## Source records
____________________
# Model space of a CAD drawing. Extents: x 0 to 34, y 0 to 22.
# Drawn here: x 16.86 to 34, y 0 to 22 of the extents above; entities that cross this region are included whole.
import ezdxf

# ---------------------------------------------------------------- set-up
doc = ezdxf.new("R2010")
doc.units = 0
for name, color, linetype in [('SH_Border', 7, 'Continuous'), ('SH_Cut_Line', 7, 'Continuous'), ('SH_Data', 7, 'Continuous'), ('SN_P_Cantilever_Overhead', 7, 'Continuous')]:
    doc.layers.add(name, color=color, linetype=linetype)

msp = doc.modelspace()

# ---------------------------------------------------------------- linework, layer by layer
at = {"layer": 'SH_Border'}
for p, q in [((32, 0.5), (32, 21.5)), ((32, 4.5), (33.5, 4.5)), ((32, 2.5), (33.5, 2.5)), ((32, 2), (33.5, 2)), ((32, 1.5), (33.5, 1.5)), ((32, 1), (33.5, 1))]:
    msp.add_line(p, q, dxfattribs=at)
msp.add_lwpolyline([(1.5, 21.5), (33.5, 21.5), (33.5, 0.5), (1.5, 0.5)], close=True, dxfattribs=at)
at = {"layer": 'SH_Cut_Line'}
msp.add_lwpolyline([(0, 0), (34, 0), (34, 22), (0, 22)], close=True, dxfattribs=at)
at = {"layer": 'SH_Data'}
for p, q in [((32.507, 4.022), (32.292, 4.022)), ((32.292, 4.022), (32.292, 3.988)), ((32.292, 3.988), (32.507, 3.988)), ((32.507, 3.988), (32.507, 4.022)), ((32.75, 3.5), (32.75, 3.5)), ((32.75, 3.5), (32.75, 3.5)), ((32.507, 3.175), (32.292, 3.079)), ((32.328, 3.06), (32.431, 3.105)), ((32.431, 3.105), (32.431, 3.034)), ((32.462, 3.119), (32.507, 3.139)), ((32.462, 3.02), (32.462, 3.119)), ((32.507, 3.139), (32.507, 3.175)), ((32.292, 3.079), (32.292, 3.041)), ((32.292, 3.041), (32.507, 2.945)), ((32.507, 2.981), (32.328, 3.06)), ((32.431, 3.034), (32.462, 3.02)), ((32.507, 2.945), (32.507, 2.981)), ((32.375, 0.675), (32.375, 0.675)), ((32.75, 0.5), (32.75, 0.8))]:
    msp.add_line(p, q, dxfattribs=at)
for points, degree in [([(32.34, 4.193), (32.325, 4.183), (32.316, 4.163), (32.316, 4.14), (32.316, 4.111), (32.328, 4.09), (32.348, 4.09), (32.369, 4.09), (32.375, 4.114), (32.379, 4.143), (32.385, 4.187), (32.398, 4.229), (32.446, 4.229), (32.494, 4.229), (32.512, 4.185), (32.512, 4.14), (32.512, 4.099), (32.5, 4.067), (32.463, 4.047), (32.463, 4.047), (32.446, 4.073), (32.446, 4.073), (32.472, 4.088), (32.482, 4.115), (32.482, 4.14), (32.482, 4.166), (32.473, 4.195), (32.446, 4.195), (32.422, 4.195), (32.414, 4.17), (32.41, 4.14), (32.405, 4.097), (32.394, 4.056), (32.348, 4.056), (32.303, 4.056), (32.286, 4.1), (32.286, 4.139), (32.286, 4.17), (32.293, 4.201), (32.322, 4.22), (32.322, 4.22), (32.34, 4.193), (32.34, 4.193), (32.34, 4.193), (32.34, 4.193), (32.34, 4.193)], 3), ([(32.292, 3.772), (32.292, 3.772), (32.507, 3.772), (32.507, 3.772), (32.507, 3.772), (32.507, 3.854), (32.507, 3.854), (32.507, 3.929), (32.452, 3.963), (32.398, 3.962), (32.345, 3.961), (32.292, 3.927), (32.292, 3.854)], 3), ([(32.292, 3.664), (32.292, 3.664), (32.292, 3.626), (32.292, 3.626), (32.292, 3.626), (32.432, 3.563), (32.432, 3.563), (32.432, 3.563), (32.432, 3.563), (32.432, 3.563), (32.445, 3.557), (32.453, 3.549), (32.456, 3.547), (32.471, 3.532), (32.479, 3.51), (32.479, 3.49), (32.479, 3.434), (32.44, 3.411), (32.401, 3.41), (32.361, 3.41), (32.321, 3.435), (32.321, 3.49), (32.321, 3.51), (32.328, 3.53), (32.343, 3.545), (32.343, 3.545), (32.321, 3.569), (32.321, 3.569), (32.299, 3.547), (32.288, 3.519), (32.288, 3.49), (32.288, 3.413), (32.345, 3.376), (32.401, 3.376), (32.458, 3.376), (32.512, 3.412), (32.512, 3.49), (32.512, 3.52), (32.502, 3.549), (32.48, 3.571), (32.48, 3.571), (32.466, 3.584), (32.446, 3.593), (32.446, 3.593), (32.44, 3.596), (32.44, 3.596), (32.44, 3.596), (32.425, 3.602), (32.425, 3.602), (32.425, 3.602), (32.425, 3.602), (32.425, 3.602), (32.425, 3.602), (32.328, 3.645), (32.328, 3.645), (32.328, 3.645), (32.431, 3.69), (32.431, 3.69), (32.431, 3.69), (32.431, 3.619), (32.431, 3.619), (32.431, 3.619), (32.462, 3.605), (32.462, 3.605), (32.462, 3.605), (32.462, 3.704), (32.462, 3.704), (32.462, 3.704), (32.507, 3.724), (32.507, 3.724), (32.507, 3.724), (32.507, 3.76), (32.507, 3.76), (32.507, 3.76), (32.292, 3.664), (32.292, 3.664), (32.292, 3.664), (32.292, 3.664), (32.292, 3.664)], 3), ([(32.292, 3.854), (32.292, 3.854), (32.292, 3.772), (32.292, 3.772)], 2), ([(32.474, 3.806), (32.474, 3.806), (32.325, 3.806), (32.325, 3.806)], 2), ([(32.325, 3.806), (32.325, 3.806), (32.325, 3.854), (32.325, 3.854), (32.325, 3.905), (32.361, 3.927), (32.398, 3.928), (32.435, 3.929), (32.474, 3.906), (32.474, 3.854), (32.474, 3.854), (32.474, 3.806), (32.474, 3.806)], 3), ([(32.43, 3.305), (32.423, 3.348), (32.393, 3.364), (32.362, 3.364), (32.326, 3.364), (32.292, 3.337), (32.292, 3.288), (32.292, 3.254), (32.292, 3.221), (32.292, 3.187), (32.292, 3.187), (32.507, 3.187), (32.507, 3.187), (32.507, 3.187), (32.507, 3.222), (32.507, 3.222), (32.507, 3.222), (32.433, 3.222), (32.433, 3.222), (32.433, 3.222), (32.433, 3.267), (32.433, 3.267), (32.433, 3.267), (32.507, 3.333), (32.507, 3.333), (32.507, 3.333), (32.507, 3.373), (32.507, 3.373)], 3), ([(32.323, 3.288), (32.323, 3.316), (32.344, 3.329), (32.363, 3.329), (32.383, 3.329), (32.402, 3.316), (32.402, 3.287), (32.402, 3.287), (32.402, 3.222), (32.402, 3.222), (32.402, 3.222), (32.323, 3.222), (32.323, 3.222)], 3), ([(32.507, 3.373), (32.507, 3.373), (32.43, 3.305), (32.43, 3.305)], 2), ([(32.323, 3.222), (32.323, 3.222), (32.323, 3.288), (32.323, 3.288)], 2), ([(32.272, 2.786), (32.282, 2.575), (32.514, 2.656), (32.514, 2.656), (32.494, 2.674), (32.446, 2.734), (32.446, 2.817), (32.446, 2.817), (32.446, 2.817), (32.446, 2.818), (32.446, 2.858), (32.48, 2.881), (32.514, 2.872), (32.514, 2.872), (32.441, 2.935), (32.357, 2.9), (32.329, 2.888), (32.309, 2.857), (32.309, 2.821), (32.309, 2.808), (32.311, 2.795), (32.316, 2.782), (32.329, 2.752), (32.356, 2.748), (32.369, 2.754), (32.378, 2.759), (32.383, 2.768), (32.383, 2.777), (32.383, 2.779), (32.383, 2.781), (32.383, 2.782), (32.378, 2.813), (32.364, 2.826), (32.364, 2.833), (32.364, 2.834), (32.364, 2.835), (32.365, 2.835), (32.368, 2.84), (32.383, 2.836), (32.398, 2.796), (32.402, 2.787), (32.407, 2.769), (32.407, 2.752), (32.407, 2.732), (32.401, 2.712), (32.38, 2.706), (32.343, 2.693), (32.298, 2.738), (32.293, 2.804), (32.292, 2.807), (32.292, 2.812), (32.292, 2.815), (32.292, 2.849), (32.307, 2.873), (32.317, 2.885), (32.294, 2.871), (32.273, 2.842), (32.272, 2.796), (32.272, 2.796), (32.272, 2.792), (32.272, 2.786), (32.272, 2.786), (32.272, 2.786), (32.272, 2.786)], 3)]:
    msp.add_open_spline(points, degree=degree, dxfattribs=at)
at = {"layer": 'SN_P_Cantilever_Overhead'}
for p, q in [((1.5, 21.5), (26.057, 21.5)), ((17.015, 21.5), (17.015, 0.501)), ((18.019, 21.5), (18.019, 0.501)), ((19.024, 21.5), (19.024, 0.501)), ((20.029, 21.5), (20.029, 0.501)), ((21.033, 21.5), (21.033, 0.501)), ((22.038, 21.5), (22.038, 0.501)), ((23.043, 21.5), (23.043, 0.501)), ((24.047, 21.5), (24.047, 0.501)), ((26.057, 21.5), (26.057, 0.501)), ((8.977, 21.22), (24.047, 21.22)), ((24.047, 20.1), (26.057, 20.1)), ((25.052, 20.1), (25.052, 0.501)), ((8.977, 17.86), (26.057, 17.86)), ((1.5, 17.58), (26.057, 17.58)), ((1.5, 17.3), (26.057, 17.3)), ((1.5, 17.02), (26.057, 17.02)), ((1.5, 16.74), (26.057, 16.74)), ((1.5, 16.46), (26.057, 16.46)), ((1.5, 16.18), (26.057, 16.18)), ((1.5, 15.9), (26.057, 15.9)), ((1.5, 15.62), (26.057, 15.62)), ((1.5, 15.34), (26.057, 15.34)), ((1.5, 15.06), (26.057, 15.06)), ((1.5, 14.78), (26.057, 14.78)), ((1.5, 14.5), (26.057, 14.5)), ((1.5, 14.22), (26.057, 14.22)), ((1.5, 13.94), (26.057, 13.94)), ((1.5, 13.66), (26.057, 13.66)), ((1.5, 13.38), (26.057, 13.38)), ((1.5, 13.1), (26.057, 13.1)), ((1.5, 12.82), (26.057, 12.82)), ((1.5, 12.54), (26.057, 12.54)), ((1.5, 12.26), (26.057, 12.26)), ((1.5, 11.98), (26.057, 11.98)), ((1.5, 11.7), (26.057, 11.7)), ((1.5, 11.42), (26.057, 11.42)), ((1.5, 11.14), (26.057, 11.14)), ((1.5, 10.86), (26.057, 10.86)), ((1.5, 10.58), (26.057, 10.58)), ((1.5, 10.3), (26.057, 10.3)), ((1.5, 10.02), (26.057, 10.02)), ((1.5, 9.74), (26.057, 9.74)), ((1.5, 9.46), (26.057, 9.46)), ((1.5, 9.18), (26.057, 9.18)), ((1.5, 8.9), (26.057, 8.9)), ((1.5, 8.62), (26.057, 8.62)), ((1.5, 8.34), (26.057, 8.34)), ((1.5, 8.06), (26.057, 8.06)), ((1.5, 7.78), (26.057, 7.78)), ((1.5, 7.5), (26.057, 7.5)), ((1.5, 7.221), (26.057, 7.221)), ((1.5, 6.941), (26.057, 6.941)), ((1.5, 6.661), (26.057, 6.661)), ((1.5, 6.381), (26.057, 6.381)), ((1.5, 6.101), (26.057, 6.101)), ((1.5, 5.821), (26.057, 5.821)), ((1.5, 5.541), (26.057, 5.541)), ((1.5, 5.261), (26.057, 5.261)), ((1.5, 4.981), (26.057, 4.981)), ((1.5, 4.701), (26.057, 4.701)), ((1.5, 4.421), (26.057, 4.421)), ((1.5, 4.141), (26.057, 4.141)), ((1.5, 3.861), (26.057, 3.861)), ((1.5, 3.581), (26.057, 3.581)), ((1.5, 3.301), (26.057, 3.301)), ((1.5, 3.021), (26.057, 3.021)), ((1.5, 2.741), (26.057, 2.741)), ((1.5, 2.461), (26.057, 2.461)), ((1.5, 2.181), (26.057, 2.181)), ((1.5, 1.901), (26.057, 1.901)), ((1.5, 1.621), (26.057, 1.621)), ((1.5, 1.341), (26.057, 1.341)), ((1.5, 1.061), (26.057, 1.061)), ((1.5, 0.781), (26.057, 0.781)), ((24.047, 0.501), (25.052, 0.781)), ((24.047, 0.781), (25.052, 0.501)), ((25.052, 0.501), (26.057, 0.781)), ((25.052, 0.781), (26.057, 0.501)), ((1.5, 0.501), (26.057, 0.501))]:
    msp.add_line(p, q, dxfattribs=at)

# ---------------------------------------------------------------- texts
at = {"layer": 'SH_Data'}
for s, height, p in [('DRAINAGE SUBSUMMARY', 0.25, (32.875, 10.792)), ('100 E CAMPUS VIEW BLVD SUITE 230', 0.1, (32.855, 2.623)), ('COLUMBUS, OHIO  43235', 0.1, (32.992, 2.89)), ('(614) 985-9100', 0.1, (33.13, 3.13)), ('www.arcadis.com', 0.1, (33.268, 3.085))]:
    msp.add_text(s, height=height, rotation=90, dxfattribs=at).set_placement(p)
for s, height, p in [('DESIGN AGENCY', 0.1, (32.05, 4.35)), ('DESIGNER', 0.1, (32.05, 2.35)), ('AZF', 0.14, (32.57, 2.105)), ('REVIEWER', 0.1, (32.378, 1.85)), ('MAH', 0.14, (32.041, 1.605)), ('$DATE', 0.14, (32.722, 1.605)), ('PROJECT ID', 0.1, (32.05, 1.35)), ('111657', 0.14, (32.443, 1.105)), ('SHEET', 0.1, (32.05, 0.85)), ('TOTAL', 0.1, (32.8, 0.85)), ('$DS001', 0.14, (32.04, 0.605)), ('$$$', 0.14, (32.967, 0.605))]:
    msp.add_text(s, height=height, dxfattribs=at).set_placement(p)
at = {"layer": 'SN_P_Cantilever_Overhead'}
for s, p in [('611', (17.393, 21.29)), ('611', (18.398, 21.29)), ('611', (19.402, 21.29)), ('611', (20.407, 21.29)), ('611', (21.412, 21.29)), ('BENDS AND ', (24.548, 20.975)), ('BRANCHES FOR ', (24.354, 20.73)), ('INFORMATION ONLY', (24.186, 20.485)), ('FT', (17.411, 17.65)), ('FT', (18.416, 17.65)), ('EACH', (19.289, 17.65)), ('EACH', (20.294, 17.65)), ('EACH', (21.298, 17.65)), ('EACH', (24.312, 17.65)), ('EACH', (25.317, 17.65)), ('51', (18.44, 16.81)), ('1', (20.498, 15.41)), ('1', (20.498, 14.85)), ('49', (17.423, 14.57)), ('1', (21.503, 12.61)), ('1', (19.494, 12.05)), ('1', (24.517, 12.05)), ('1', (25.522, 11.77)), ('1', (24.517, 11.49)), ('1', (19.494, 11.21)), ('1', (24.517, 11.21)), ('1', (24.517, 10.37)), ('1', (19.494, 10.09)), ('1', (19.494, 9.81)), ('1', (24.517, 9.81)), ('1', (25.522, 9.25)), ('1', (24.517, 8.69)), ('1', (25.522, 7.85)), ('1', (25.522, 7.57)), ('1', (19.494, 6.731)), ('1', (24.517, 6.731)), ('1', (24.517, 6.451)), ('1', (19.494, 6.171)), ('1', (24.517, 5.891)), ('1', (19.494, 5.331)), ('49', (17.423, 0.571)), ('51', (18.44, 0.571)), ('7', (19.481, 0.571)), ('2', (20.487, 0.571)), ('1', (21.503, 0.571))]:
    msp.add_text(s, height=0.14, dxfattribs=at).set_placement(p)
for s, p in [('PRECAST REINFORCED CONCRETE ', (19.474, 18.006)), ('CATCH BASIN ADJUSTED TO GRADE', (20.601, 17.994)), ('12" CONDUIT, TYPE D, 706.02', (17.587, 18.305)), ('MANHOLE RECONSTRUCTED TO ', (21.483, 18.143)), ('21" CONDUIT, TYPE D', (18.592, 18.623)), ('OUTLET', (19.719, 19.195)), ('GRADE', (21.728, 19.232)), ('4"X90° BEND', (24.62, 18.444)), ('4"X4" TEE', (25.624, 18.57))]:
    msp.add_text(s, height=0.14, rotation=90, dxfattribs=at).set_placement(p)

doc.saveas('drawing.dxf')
____________________
## WORK REQUEST
Search the data for the string "height" and copy every line where it appears.

## SOLUTION FOR THIS PROBLEM
for s, height, p in [('DRAINAGE SUBSUMMARY', 0.25, (32.875, 10.792)), ('100 E CAMPUS VIEW BLVD SUITE 230', 0.1, (32.855, 2.623)), ('COLUMBUS, OHIO  43235', 0.1, (32.992, 2.89)), ('(614) 985-9100', 0.1, (33.13, 3.13)), ('www.arcadis.com', 0.1, (33.268, 3.085))]:
    msp.add_text(s, height=height, rotation=90, dxfattribs=at).set_placement(p)
for s, height, p in [('DESIGN AGENCY', 0.1, (32.05, 4.35)), ('DESIGNER', 0.1, (32.05, 2.35)), ('AZF', 0.14, (32.57, 2.105)), ('REVIEWER', 0.1, (32.378, 1.85)), ('MAH', 0.14, (32.041, 1.605)), ('$DATE', 0.14, (32.722, 1.605)), ('PROJECT ID', 0.1, (32.05, 1.35)), ('111657', 0.14, (32.443, 1.105)), ('SHEET', 0.1, (32.05, 0.85)), ('TOTAL', 0.1, (32.8, 0.85)), ('$DS001', 0.14, (32.04, 0.605)), ('$$$', 0.14, (32.967, 0.605))]:
    msp.add_text(s, height=height, dxfattribs=at).set_placement(p)
    msp.add_text(s, height=0.14, dxfattribs=at).set_placement(p)
    msp.add_text(s, height=0.14, rotation=90, dxfattribs=at).set_placement(p)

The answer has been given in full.